At any rate, scintillations on the zinc sulfide screen outside the thin tube show that α particles can get out of that tube.

[13]The apparatus surrounds the thin tube containing the emanation with empty space, pumped free of any impurity. This was the space in which the α particles were to be collected.

[14]Most important, the space surrounding the thin tube was to be free of any extraneous helium before the start of the experiment. So Rutherford & Royds look for helium in that space by looking for the lines characteristic of the spectrum of helium. The spectrum is a particularly sensitive method of identifying helium; that is, helium can be detected in very small quantities. At first they see no helium, but after the experiment has been running for a few days, they see some. Conclusion: helium enters the collection space during the course of the experiment. While they see helium, they do not see neon. Conclusion: the helium they see did not leak in from the atmosphere, for if it did, neon would leak in with it.

[15]How do Rutherford & Royds make sure that helium cannot get through the thin-walled tube? They put helium in the tube, then look for it in the outer collection tube and find none.

[16]For good measure, they repeat the first experiment. Thus they know that helium is collected reproducibly in the outer tube and only under conditions in which α particles leave the thin-walled tube.

[17]At this point, the main question of the experiment has been answered conclusively, as stated at the end of the previous paragraph. The experimenters are now pursuing a loose end, a slightly unexpected observation: helium does not accumulate in the outer tube as rapidly as α particles are produced and leave the inner tube. Why not? Maybe it takes a long time for them to wiggle free from the glass walls of the outer tube where many of them are stopped. How might one test this explanation? Try stopping the α particles with a different material, and see if the accumulation of helium is faster or slower.
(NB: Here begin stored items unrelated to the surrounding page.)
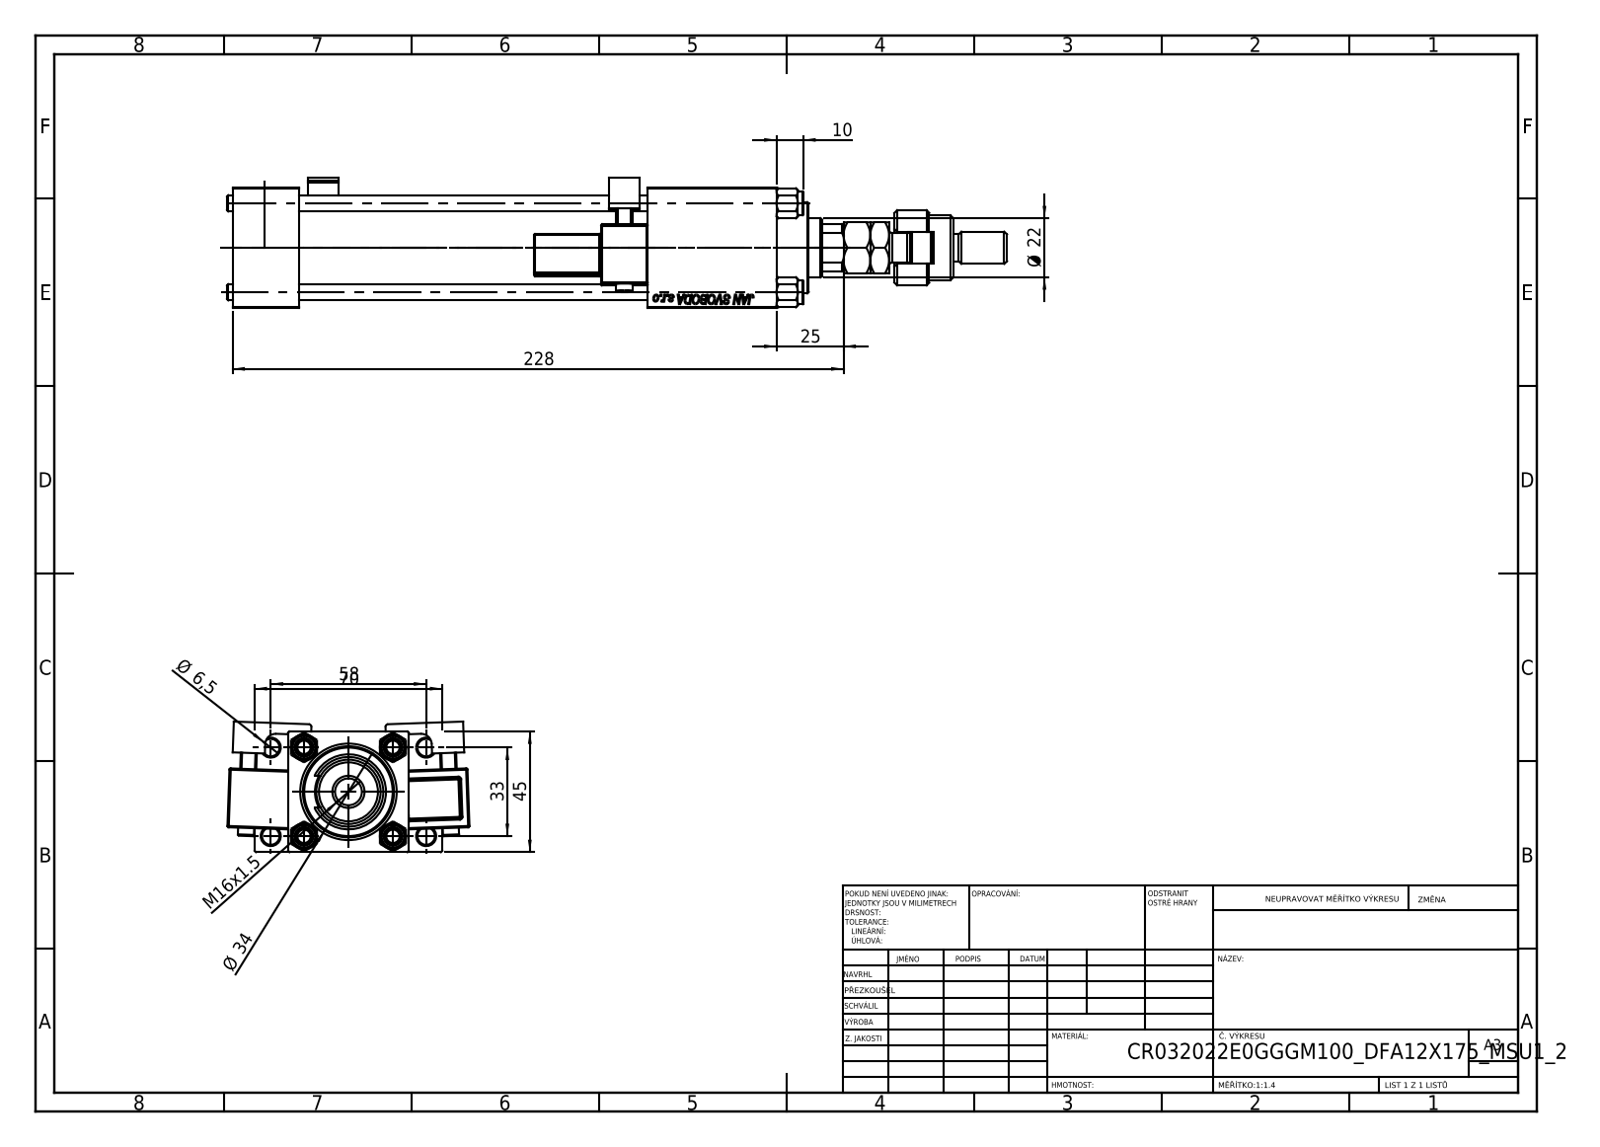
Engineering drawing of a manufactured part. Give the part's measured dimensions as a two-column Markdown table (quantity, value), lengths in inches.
| quantity | value |
| --- | --- |
| part name | MFA; V215CR_TYCINKA_E; V215CR_E_Body; V215_VC_A (+4 more) |
| STEP written by | SolidWorks 2019 (CONFIG_CONTROL_DESIGN) |
| units | inches |
| bodies | 15 solids, 1379 faces (587 planar, 160 cylindrical, 632 other) |
| overall size | 11.457 × 3.556 × 1.918 |
| volume | 22.02 in³ |
| surface area | 199.7 in² |
| round holes (diameter × count) | 0.236 × 4, 0.256 × 4, 0.276 × 2, 0.518 × 2, 0.787 × 2, 0.413 × 1, 0.866 × 1, 0.945 × 1, 0.984 × 1, 1.26 × 1, 1.299 × 1 |
| round bosses / shafts (diameter × count) | 0.354 × 4, 0.236 × 2, 1.496 × 1, 1.339 × 1, 1.102 × 1, 0.709 × 1, 0.472 × 1, 0.433 × 1 |
| partial cylindrical surfaces (radius × count) | 0.02 × 48, 0.039 × 2, 0.098 × 2, 0.157 × 2, 0.384 × 1, 0.413 × 1 |
| main face-to-face distances | 1.772, 0.984, 0.492, 0.118, 2.264, 6.102, 5.118, 7.992, 2.756, 0.905 |
| hole center spacings | 0.488, 0.924, 1.307, 1.314, 1.392, 1.795, 2.219, 1.299 |

[18]At this point, the attention of the investigators appears to have shifted to the ability of lead to retain captured α particles. In fact they are investigating one more possible explanation of helium in their earlier experiments. "How do we know," they ask, "that the helium was not originally in the glass wall of the outer tube and was only released by exposure to α particles?"

[19]That the air was completely displaced was shown by the absence of neon in the final spectrum. [original note --CJG]

[20]They eliminated the possibility that α-particle bombardment released helium already present in the glass in two ways. First, they changed the outer glass tube for one made of lead foil and later tinfoil, and still got helium. Second, they showed that they obtained helium only after bombardment by α particles. In effect, they could collect α particles within metal foils, remove the source of the particles, and then release helium from the foils: that helium came from the already-collected α particles.

[21]None of the experiments described in this paper demonstrates that the α particle is a charged particle. Other experiments carried out previously showed that it carries two units of positive charge [Rutherford & Geiger 1908b].